Repeat each record below exactly, omitting whatever pictures appear in it.
BEGIN
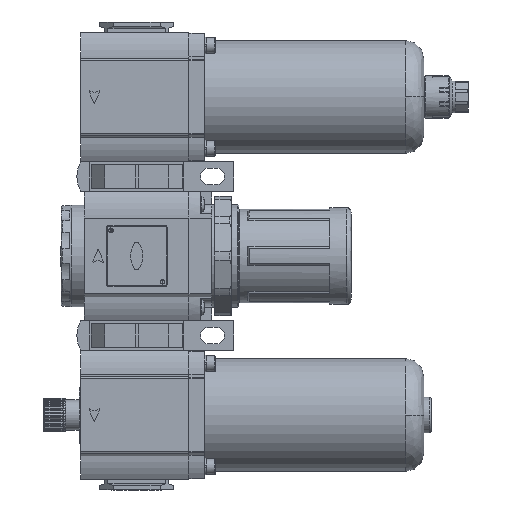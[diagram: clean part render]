
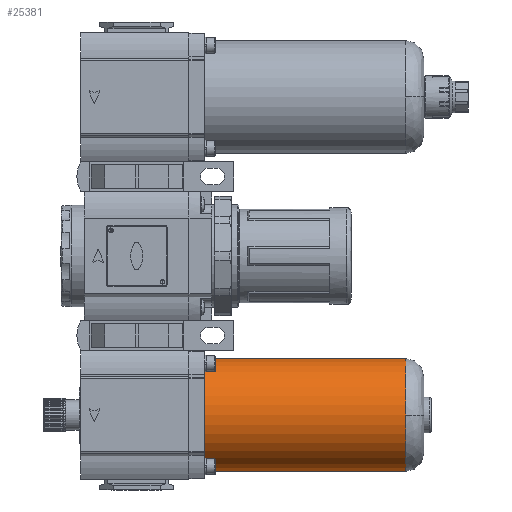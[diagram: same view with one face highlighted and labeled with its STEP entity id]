
A CAD part, left-side view. The second image highlights one B-rep face of the part: STEP entity #25381.
In plain terms, the highlighted cylindrical face has radius 37.25 mm (diameter 74.5 mm), a partial arc.
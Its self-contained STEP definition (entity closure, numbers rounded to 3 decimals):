
#3978 = EDGE_CURVE ( 'NONE', #4589, #51629, #41898, .T. ) ;
#4589 = VERTEX_POINT ( 'NONE', #65401 ) ;
#4836 = CARTESIAN_POINT ( 'NONE',  ( 0., -177.5, -142.25 ) ) ;
#8565 = EDGE_LOOP ( 'NONE', ( #95005, #45966, #90106, #18203, #63415 ) ) ;
#12861 = VERTEX_POINT ( 'NONE', #78853 ) ;
#15170 = CARTESIAN_POINT ( 'NONE',  ( 0., -111., -67.75 ) ) ;
#15342 = VECTOR ( 'NONE', #37969, 1000. ) ;
#16778 = DIRECTION ( 'NONE',  ( 0., 0., -1. ) ) ;
#17051 = EDGE_CURVE ( 'NONE', #50599, #51629, #67306, .T. ) ;
#18203 = ORIENTED_EDGE ( 'NONE', *, *, #83553, .T. ) ;
#19722 = DIRECTION ( 'NONE',  ( 0., 0., -1. ) ) ;
#23990 = CARTESIAN_POINT ( 'NONE',  ( 0., -177.5, -105. ) ) ;
#25381 = ADVANCED_FACE ( 'NONE', ( #42709 ), #61490, .T. ) ;
#28116 = EDGE_CURVE ( 'NONE', #50599, #12861, #48707, .T. ) ;
#33014 = DIRECTION ( 'NONE',  ( 0., -1., 0. ) ) ;
#37969 = DIRECTION ( 'NONE',  ( 0., -1., 0. ) ) ;
#41898 = CIRCLE ( 'NONE', #95511, 37.25 ) ;
#42709 = FACE_OUTER_BOUND ( 'NONE', #8565, .T. ) ;
#42773 = CARTESIAN_POINT ( 'NONE',  ( 0., -177.5, -105. ) ) ;
#45021 = AXIS2_PLACEMENT_3D ( 'NONE', #55026, #47720, #16778 ) ;
#45966 = ORIENTED_EDGE ( 'NONE', *, *, #28116, .T. ) ;
#47720 = DIRECTION ( 'NONE',  ( 0., -1., 0. ) ) ;
#48707 = CIRCLE ( 'NONE', #45021, 37.25 ) ;
#49304 = CARTESIAN_POINT ( 'NONE',  ( 0., -111., -142.25 ) ) ;
#49647 = DIRECTION ( 'NONE',  ( 0., -1., 0. ) ) ;
#50563 = VERTEX_POINT ( 'NONE', #4836 ) ;
#50599 = VERTEX_POINT ( 'NONE', #76713 ) ;
#51629 = VERTEX_POINT ( 'NONE', #72619 ) ;
#55026 = CARTESIAN_POINT ( 'NONE',  ( 0., -44.5, -105. ) ) ;
#55076 = DIRECTION ( 'NONE',  ( 0., 0., -1. ) ) ;
#55720 = CARTESIAN_POINT ( 'NONE',  ( 0., -111., -105. ) ) ;
#56889 = EDGE_CURVE ( 'NONE', #12861, #50563, #67764, .T. ) ;
#60545 = DIRECTION ( 'NONE',  ( 0., 1., 0. ) ) ;
#60841 = DIRECTION ( 'NONE',  ( 0., 0., -1. ) ) ;
#61490 = CYLINDRICAL_SURFACE ( 'NONE', #62336, 37.25 ) ;
#62336 = AXIS2_PLACEMENT_3D ( 'NONE', #55720, #33014, #55076 ) ;
#63415 = ORIENTED_EDGE ( 'NONE', *, *, #3978, .T. ) ;
#65401 = CARTESIAN_POINT ( 'NONE',  ( -37.25, -177.5, -105. ) ) ;
#67306 = LINE ( 'NONE', #15170, #15342 ) ;
#67764 = LINE ( 'NONE', #49304, #82040 ) ;
#71927 = AXIS2_PLACEMENT_3D ( 'NONE', #23990, #60545, #60841 ) ;
#72619 = CARTESIAN_POINT ( 'NONE',  ( 0., -177.5, -67.75 ) ) ;
#74322 = CIRCLE ( 'NONE', #71927, 37.25 ) ;
#76713 = CARTESIAN_POINT ( 'NONE',  ( 0., -44.5, -67.75 ) ) ;
#78853 = CARTESIAN_POINT ( 'NONE',  ( 0., -44.5, -142.25 ) ) ;
#80776 = DIRECTION ( 'NONE',  ( 0., 1., 0. ) ) ;
#82040 = VECTOR ( 'NONE', #49647, 1000. ) ;
#83553 = EDGE_CURVE ( 'NONE', #50563, #4589, #74322, .T. ) ;
#90106 = ORIENTED_EDGE ( 'NONE', *, *, #56889, .T. ) ;
#95005 = ORIENTED_EDGE ( 'NONE', *, *, #17051, .F. ) ;
#95511 = AXIS2_PLACEMENT_3D ( 'NONE', #42773, #80776, #19722 ) ;
END
• [ANSWER SECTION]
[diagram: clean part render]
[diagram: same view with one face highlighted and labeled with its STEP entity id]
A CAD part, left-side view. The second image highlights one B-rep face of the part: STEP entity #25381.
In plain terms, the highlighted cylindrical face has radius 37.25 mm (diameter 74.5 mm), a partial arc.
Its self-contained STEP definition (entity closure, numbers rounded to 3 decimals):
#3978 = EDGE_CURVE ( 'NONE', #4589, #51629, #41898, .T. ) ;
#4589 = VERTEX_POINT ( 'NONE', #65401 ) ;
#4836 = CARTESIAN_POINT ( 'NONE',  ( 0., -177.5, -142.25 ) ) ;
#8565 = EDGE_LOOP ( 'NONE', ( #95005, #45966, #90106, #18203, #63415 ) ) ;
#12861 = VERTEX_POINT ( 'NONE', #78853 ) ;
#15170 = CARTESIAN_POINT ( 'NONE',  ( 0., -111., -67.75 ) ) ;
#15342 = VECTOR ( 'NONE', #37969, 1000. ) ;
#16778 = DIRECTION ( 'NONE',  ( 0., 0., -1. ) ) ;
#17051 = EDGE_CURVE ( 'NONE', #50599, #51629, #67306, .T. ) ;
#18203 = ORIENTED_EDGE ( 'NONE', *, *, #83553, .T. ) ;
#19722 = DIRECTION ( 'NONE',  ( 0., 0., -1. ) ) ;
#23990 = CARTESIAN_POINT ( 'NONE',  ( 0., -177.5, -105. ) ) ;
#25381 = ADVANCED_FACE ( 'NONE', ( #42709 ), #61490, .T. ) ;
#28116 = EDGE_CURVE ( 'NONE', #50599, #12861, #48707, .T. ) ;
#33014 = DIRECTION ( 'NONE',  ( 0., -1., 0. ) ) ;
#37969 = DIRECTION ( 'NONE',  ( 0., -1., 0. ) ) ;
#41898 = CIRCLE ( 'NONE', #95511, 37.25 ) ;
#42709 = FACE_OUTER_BOUND ( 'NONE', #8565, .T. ) ;
#42773 = CARTESIAN_POINT ( 'NONE',  ( 0., -177.5, -105. ) ) ;
#45021 = AXIS2_PLACEMENT_3D ( 'NONE', #55026, #47720, #16778 ) ;
#45966 = ORIENTED_EDGE ( 'NONE', *, *, #28116, .T. ) ;
#47720 = DIRECTION ( 'NONE',  ( 0., -1., 0. ) ) ;
#48707 = CIRCLE ( 'NONE', #45021, 37.25 ) ;
#49304 = CARTESIAN_POINT ( 'NONE',  ( 0., -111., -142.25 ) ) ;
#49647 = DIRECTION ( 'NONE',  ( 0., -1., 0. ) ) ;
#50563 = VERTEX_POINT ( 'NONE', #4836 ) ;
#50599 = VERTEX_POINT ( 'NONE', #76713 ) ;
#51629 = VERTEX_POINT ( 'NONE', #72619 ) ;
#55026 = CARTESIAN_POINT ( 'NONE',  ( 0., -44.5, -105. ) ) ;
#55076 = DIRECTION ( 'NONE',  ( 0., 0., -1. ) ) ;
#55720 = CARTESIAN_POINT ( 'NONE',  ( 0., -111., -105. ) ) ;
#56889 = EDGE_CURVE ( 'NONE', #12861, #50563, #67764, .T. ) ;
#60545 = DIRECTION ( 'NONE',  ( 0., 1., 0. ) ) ;
#60841 = DIRECTION ( 'NONE',  ( 0., 0., -1. ) ) ;
#61490 = CYLINDRICAL_SURFACE ( 'NONE', #62336, 37.25 ) ;
#62336 = AXIS2_PLACEMENT_3D ( 'NONE', #55720, #33014, #55076 ) ;
#63415 = ORIENTED_EDGE ( 'NONE', *, *, #3978, .T. ) ;
#65401 = CARTESIAN_POINT ( 'NONE',  ( -37.25, -177.5, -105. ) ) ;
#67306 = LINE ( 'NONE', #15170, #15342 ) ;
#67764 = LINE ( 'NONE', #49304, #82040 ) ;
#71927 = AXIS2_PLACEMENT_3D ( 'NONE', #23990, #60545, #60841 ) ;
#72619 = CARTESIAN_POINT ( 'NONE',  ( 0., -177.5, -67.75 ) ) ;
#74322 = CIRCLE ( 'NONE', #71927, 37.25 ) ;
#76713 = CARTESIAN_POINT ( 'NONE',  ( 0., -44.5, -67.75 ) ) ;
#78853 = CARTESIAN_POINT ( 'NONE',  ( 0., -44.5, -142.25 ) ) ;
#80776 = DIRECTION ( 'NONE',  ( 0., 1., 0. ) ) ;
#82040 = VECTOR ( 'NONE', #49647, 1000. ) ;
#83553 = EDGE_CURVE ( 'NONE', #50563, #4589, #74322, .T. ) ;
#90106 = ORIENTED_EDGE ( 'NONE', *, *, #56889, .T. ) ;
#95005 = ORIENTED_EDGE ( 'NONE', *, *, #17051, .F. ) ;
#95511 = AXIS2_PLACEMENT_3D ( 'NONE', #42773, #80776, #19722 ) ;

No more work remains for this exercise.